L’été était vraiment une saison à part. Une saison de changements mais à petite échelle. Loin du renouveau spectaculaire d’un printemps précoce ou même de la mort lente de toute verdure synonyme d’hiver, l’été se contentait de poursuivre les transformations instaurées par la saison précédente, les durs rayons du soleil commençant lentement mais sûrement leur travail de destruction, rendant les champs stériles et dorés. Cela faisait six étés – déjà – passés à Naples, loin de son Nevada natal, où tout n’était que désert jaunâtre à perte de vue. L’habitude avait fait son travail d’éboueur, ôtant les vieux souvenirs qui ne demandaient qu’à être remplacés par de nouveaux, le cœur de Sam pouvait désormais été catalogué comme à quatre-vingt dix-neuf pourcents italien, presque totalement napolitain. Sauf qu’à chaque fois qu’il se regardait dans un miroir, ses traits ne reflétaient que ses origines pourtant aussi diverses que variés, dès qu’il ouvrait la bouche, son satané accent lui rappelait qui il était réellement : un américain qui avait fui sa vie, ses problèmes et sa famille pour plonger dans l’inconnu. Ce qui lui avait réussi, indéniablement. Alors qu’outre Atlantique ne lui restaient plus qu’un père aux abonnés absents et un frère au caractère détestable, il avait trouvé dans la botte européenne des parents, des amis, un foyer dans lequel il se sentait bien. Rien à voir avec la vie à Vegas, il était parvenu à se poser. Lui qui n’avait jamais été qu’un rebelle allergique à l’autorité et à l’école, il avait appris à prendre la vie du bon côté, pesant le pour et le contre de chaque situation, la moindre de ses actions était mûrement réfléchie. Bien entendu, la route avait été longue et sinueuse pour parvenir à un tel résultat, toutefois il pouvait se féliciter d’avoir changé. Et d’avoir laisser les ennuis derrière lui. Tout au moins, les ennuis volontaires.

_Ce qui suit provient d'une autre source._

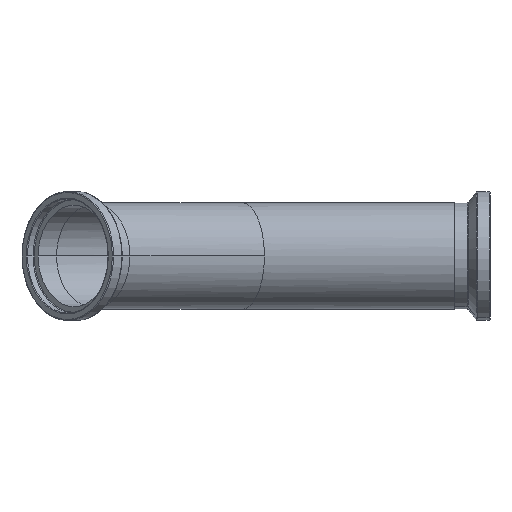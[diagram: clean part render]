
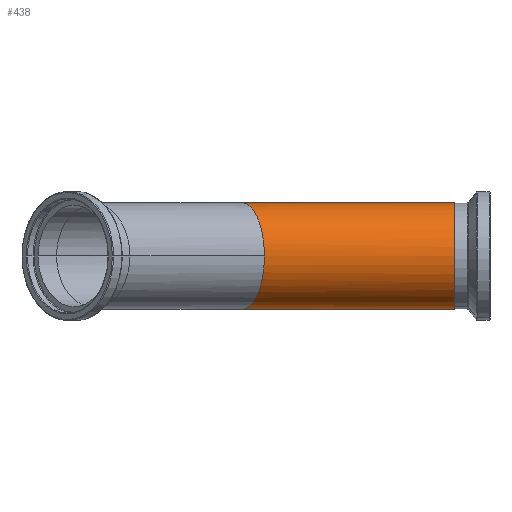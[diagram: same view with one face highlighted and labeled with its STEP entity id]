
A CAD part, left-side view. The second image highlights one B-rep face of the part: STEP entity #438.
In plain terms, the highlighted cylindrical face has radius 50.8 mm (diameter 101.6 mm), a partial arc.
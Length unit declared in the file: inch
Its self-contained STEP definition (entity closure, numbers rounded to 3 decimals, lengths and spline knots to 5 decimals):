
#72 = ORIENTED_EDGE ( 'NONE', *, *, #634, .F. ) ;
#81 = EDGE_LOOP ( 'NONE', ( #72, #424, #139, #856, #159 ) ) ;
#85 =( BOUNDED_CURVE ( )  B_SPLINE_CURVE ( 3, ( #1325, #133, #393, #514 ),
 .UNSPECIFIED., .F., .T. ) 
 B_SPLINE_CURVE_WITH_KNOTS ( ( 4, 4 ),
 ( 0., 1.5708 ),
 .UNSPECIFIED. ) 
 CURVE ( )  GEOMETRIC_REPRESENTATION_ITEM ( )  RATIONAL_B_SPLINE_CURVE ( ( 1., 0.805, 0.805, 1. ) ) 
 REPRESENTATION_ITEM ( '' )  );
#133 = CARTESIAN_POINT ( 'NONE',  ( -2., 7.17157, -1.17157 ) ) ;
#137 = DIRECTION ( 'NONE',  ( 0., 0., -1. ) ) ;
#139 = ORIENTED_EDGE ( 'NONE', *, *, #1112, .T. ) ;
#142 = DIRECTION ( 'NONE',  ( 0., 0., 1. ) ) ;
#147 = CYLINDRICAL_SURFACE ( 'NONE', #627, 2. ) ;
#159 = ORIENTED_EDGE ( 'NONE', *, *, #992, .T. ) ;
#191 = CARTESIAN_POINT ( 'NONE',  ( -2., 7.17157, 0. ) ) ;
#194 = CARTESIAN_POINT ( 'NONE',  ( -2., 7.17157, 0. ) ) ;
#261 = VECTOR ( 'NONE', #340, 39.37008 ) ;
#285 = EDGE_CURVE ( 'NONE', #812, #499, #900, .T. ) ;
#294 = VERTEX_POINT ( 'NONE', #791 ) ;
#315 = CARTESIAN_POINT ( 'NONE',  ( 0., 8., 2. ) ) ;
#335 = VECTOR ( 'NONE', #1110, 39.37008 ) ;
#340 = DIRECTION ( 'NONE',  ( 0., -1., 0. ) ) ;
#347 = CARTESIAN_POINT ( 'NONE',  ( 0., 0., 0. ) ) ;
#392 = CIRCLE ( 'NONE', #463, 2. ) ;
#393 = CARTESIAN_POINT ( 'NONE',  ( -1.17157, 7.51472, -2. ) ) ;
#424 = ORIENTED_EDGE ( 'NONE', *, *, #911, .T. ) ;
#438 = ADVANCED_FACE ( 'NONE', ( #1174 ), #147, .T. ) ;
#463 = AXIS2_PLACEMENT_3D ( 'NONE', #347, #1139, #142 ) ;
#475 = DIRECTION ( 'NONE',  ( 0., -1., 0. ) ) ;
#499 = VERTEX_POINT ( 'NONE', #515 ) ;
#514 = CARTESIAN_POINT ( 'NONE',  ( 0., 8., -2. ) ) ;
#515 = CARTESIAN_POINT ( 'NONE',  ( 0., 0., -2. ) ) ;
#626 = VERTEX_POINT ( 'NONE', #191 ) ;
#627 = AXIS2_PLACEMENT_3D ( 'NONE', #1149, #475, #137 ) ;
#634 = EDGE_CURVE ( 'NONE', #294, #745, #672, .T. ) ;
#672 = LINE ( 'NONE', #315, #335 ) ;
#745 = VERTEX_POINT ( 'NONE', #1234 ) ;
#779 = CARTESIAN_POINT ( 'NONE',  ( 0., 8., -2. ) ) ;
#783 = CARTESIAN_POINT ( 'NONE',  ( 0., 8., 2. ) ) ;
#791 = CARTESIAN_POINT ( 'NONE',  ( 0., 8., 2. ) ) ;
#812 = VERTEX_POINT ( 'NONE', #779 ) ;
#856 = ORIENTED_EDGE ( 'NONE', *, *, #285, .T. ) ;
#900 = LINE ( 'NONE', #1370, #261 ) ;
#911 = EDGE_CURVE ( 'NONE', #294, #626, #1045, .T. ) ;
#992 = EDGE_CURVE ( 'NONE', #499, #745, #392, .T. ) ;
#1045 =( BOUNDED_CURVE ( )  B_SPLINE_CURVE ( 3, ( #783, #1348, #1113, #194 ),
 .UNSPECIFIED., .F., .T. ) 
 B_SPLINE_CURVE_WITH_KNOTS ( ( 4, 4 ),
 ( 4.71239, 6.28319 ),
 .UNSPECIFIED. ) 
 CURVE ( )  GEOMETRIC_REPRESENTATION_ITEM ( )  RATIONAL_B_SPLINE_CURVE ( ( 1., 0.805, 0.805, 1. ) ) 
 REPRESENTATION_ITEM ( '' )  );
#1110 = DIRECTION ( 'NONE',  ( 0., -1., 0. ) ) ;
#1112 = EDGE_CURVE ( 'NONE', #626, #812, #85, .T. ) ;
#1113 = CARTESIAN_POINT ( 'NONE',  ( -2., 7.17157, 1.17157 ) ) ;
#1139 = DIRECTION ( 'NONE',  ( 0., 1., 0. ) ) ;
#1149 = CARTESIAN_POINT ( 'NONE',  ( 0., 8., 0. ) ) ;
#1174 = FACE_OUTER_BOUND ( 'NONE', #81, .T. ) ;
#1234 = CARTESIAN_POINT ( 'NONE',  ( 0., 0., 2. ) ) ;
#1325 = CARTESIAN_POINT ( 'NONE',  ( -2., 7.17157, 0. ) ) ;
#1348 = CARTESIAN_POINT ( 'NONE',  ( -1.17157, 7.51472, 2. ) ) ;
#1370 = CARTESIAN_POINT ( 'NONE',  ( 0., 8., -2. ) ) ;

Un mouvement de clé dans l’interrupteur principal du garage et la lumière disparut, plongeant le propriétaire dans le silence et le noir total. Admirant à travers la pénombre le travail de sa vie – qui était encore relativement courte – le jeune homme ne put que sourire face à l’odeur de cambouis si familière qui lui chatouillait les narines ainsi qu’à la réverbération timide des carrosseries métallisées. Il fallait reconnaître que les inventeurs de l’automobile – qui, durant l’enfance de Samuel, avaient tous reçu le doux nom de « Monsieur Voiture » - avaient fait un sacrément bon boulot en découvrant un tel engin. Il en allait de même pour « Monsieur Moto ». Car si Fischer avait changé de mode de vie du tout au tout, il y avait toujours ce dénominateur commun qui lui rappelait qui il était : la mécanique. Il ne sauverait jamais des vies grâce à un talent de neurochirurgiens, il ne défendrait jamais d’innocents en devenant une star du Barreau, pas plus qu’il dédierait son existence tout entière à la défense des baleines à bosse ; lui, il réparait juste des voitures, il savait jouer avec les écrous et le carburant, et il le faisait bien. C’était tout. Mais ça lui suffisait. A partir du moment où il appréciait ce qu’il faisait et recevait la reconnaissance de ses clients. Samuel gratifia le bâtiment vide d’un au revoir qui serait apparu plus que stupide à des yeux non avertis avant de s’assurer pour la énième fois que sa moto était bien en sécurité, propre et à l’abri des courants d’air. Dans un soupir, il se résigna à la laisser après une ultime caresse sur le guidon comme si elle avait été un vrai petit animal de compagnie. Aujourd’hui, il avait pris la décision de profiter de la douceur du soleil crépusculaire, il allait s’y tenir malgré l’effort considérable qui lui en coûtait. Car laisser son bébé, c’était comme courir un marathon nu sur la plage, improbable. Ou presque.

Ses craintes quant au malheur possible que courait sa Harley chérie s’évanouirent sous les effleurements bienveillants du soleil couchant. Comme Superman, il retrouvait sa force sous les puissants rayons de l’astre majestueux, et en prime il ne craignait pas la kryptonite. Les couleurs de la ville emplirent ses yeux d’un millier d’étoiles, l’odeur des fleurs tombant des balcons se mêlait à la perfection aux pépiements joyeux des sansonnets et autres oiseaux estivaux. Les rues respiraient la joie de vivre, transmettant aux badauds insouciants une bonne humeur bienvenue. Samuel y compris. Une fontaine de chevelure auburn se dessina dans son champ de vision, l’obligeant dans un premier temps à plisser les yeux pour discerner avec exactitude la nature connue ou non de la demoiselle, bien vite sa grimace interrogatrice se mua en un large sourire satisfait alors qu’il accélérait l’allure pour parvenir à la hauteur de la jeune femme.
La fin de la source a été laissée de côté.